When the warring sides in Sudan agreed to a limited cease-fire, they promised to uphold some basic humanitarian principles. One is pulling their fighters out of hospitals. Sudanese doctors say both sides are violating that and continuing to threaten medical facilities in the country. NPR's Michele Kelemen caught up with some Sudanese American doctors who are sounding the alarm.

MICHELE KELEMEN, BYLINE: The scenes from hospitals in Khartoum are harrowing. Paramilitary forces have taken over some medical facilities, and the rival army forces have bombed them. Sudanese doctors now say only about a third of the hospitals in the capital are functioning and just barely.

UNIDENTIFIED PERSON: (Non-English language spoken).

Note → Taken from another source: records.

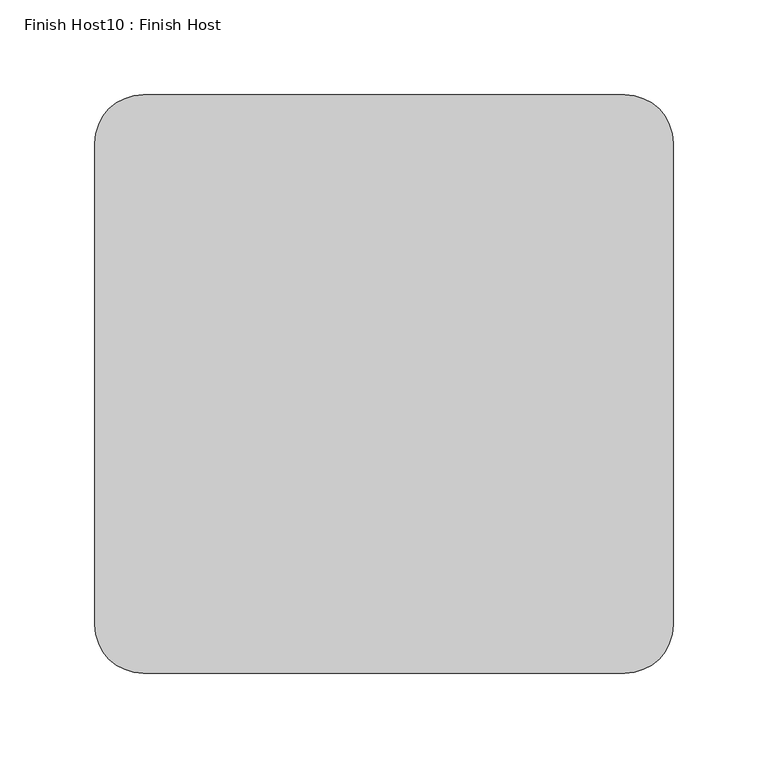
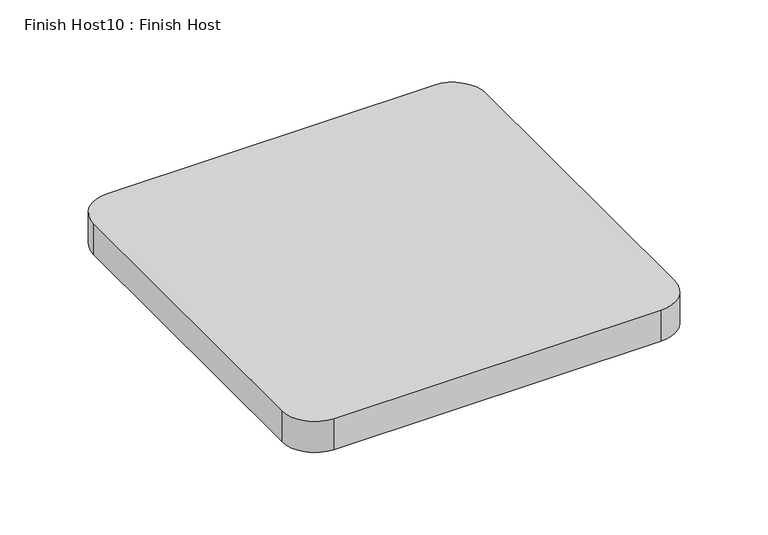
"""IFC4 building model written with IfcOpenShell, lengths in millimetres: proxy geometry, Finish Host10 : Finish Host."""

from ifc_helpers import new_model, si_unit, point, frame_2d, origin, origin_with_axes, place, context, project, spatial, polyline, circle_curve, trimmed, segment, composite_curve, outline, extrude, source, transform, mapped, element, save


def finish_host10_finish_host_44f99bfc(model_context):
    return source(origin(), model_context, "Body", "SweptSolid", [
        extrude(outline(composite_curve([segment(polyline([(701.4157184, 3462.3960864), (701.4157184, 3716.3960864)]), True, "CONTINUOUS"), segment(trimmed(circle_curve(frame_2d((726.8157184, 3716.3960864)), 25.4), [point((701.4157184, 3716.3960864))], [point((726.8157184, 3741.7960864))], False, "CARTESIAN"), True, "CONTINUOUS"), segment(polyline([(726.8157184, 3741.7960864), (980.8157184, 3741.7960864)]), True, "CONTINUOUS"), segment(trimmed(circle_curve(frame_2d((980.8157184, 3716.3960864)), 25.4), [point((980.8157184, 3741.7960864))], [point((1006.2157184, 3716.3960864))], False, "CARTESIAN"), True, "CONTINUOUS"), segment(polyline([(1006.2157184, 3716.3960864), (1006.2157184, 3462.3960864)]), True, "CONTINUOUS"), segment(trimmed(circle_curve(frame_2d((980.8157184, 3462.3960864)), 25.4), [point((1006.2157184, 3462.3960864))], [point((980.8157184, 3436.9960864))], False, "CARTESIAN"), True, "CONTINUOUS"), segment(polyline([(980.8157184, 3436.9960864), (726.8157184, 3436.9960864)]), True, "CONTINUOUS"), segment(trimmed(circle_curve(frame_2d((726.8157184, 3462.3960864)), 25.4), [point((726.8157184, 3436.9960864))], [point((701.4157184, 3462.3960864))], False, "CARTESIAN"), True, "CONTINUOUS")], self_intersect=False)), origin_with_axes(), (0.0, 0.0, 1.0), 25.4),
    ])


if __name__ == "__main__":
    model = new_model("IFC4")
    model_context = context("Model", 3, world=origin())
    ifc_project = project(units=[si_unit("LENGTHUNIT", "METRE", prefix="MILLI")], contexts=[model_context])
    site = spatial("IfcSite", under=ifc_project)
    building = spatial("IfcBuilding", under=site)
    placement = place(None, origin())
    finish_host10_finish_host_shape = finish_host10_finish_host_44f99bfc(model_context)
    element("IfcBuildingElementProxy", 1, Name="Finish Host10 : Finish Host", ObjectType="Finish Host10 : Finish Host", at=placement, inside=building, context=model_context, shape_type="MappedRepresentation", body=[
        mapped(finish_host10_finish_host_shape, transform((0.0, 0.0, 0.0), x_axis=(1.0, 0.0, 0.0), y_axis=(0.0, 1.0, 0.0), z_axis=(0.0, 0.0, 1.0))),
    ])
    save(model, "model.ifc")

# Revit data of these elements
# Type "Finish Host10 : Finish Host"
#   Countertop Material = Fabric - Teknion - S142 - Synaptic - Transmission
# Element 1 (IfcBuildingElementProxy, "Finish Host10 : Finish Host")
#   Materials on its faces: "Fabric - Teknion - S142 - Synaptic - Transmission"
# Materials
#   "Fabric - Teknion - S142 - Synaptic - Transmission": class "Fabric", colour RGB 22 25 28, transparency 0, Model = "S142", Manufacturer = "Teknion Studio", URL = "http://www.teknionstudio.com/", Description = "Transmission Synaptic", Cost = 0

KELEMEN: This video haunts Yasir Elamin, an oncologist living in Texas. He's with an aid group called the Sudanese American Physicians Association and says the video is from an obstetrician who had just performed a cesarean section in a Khartoum hospital.

YASIR ELAMIN: And while she was doing that, there was a power outage. So they all pulled their cell phones, and they had to complete the operation with the light of their cell phones. And she has a very powerful video to say about them completing the operation under the cell phone light.

KELEMEN: There's another story that sticks with his colleague, Mohamed Eisa, a gastroenterologist from Pittsburgh. He said one pediatrician in Sudan tried to save a child on a ventilator when the electricity went out by manually pumping air with what's called an Ambu Bag.

MOHAMED EISA: He was doing that for 24 hours, manually pumping it with his bare hands for 24 hours. Everyone is surprised that he was able to do it for 24 hours. Unfortunately, afterward and for the worse, he had to let go.

KELEMEN: And the patient died?

EISA: Oh, absolutely. Right away.

KELEMEN: Doctors in Sudan say about 1,000 civilians have died since the conflict broke out in April. Eisa, who was there at the time, thinks the death toll is higher.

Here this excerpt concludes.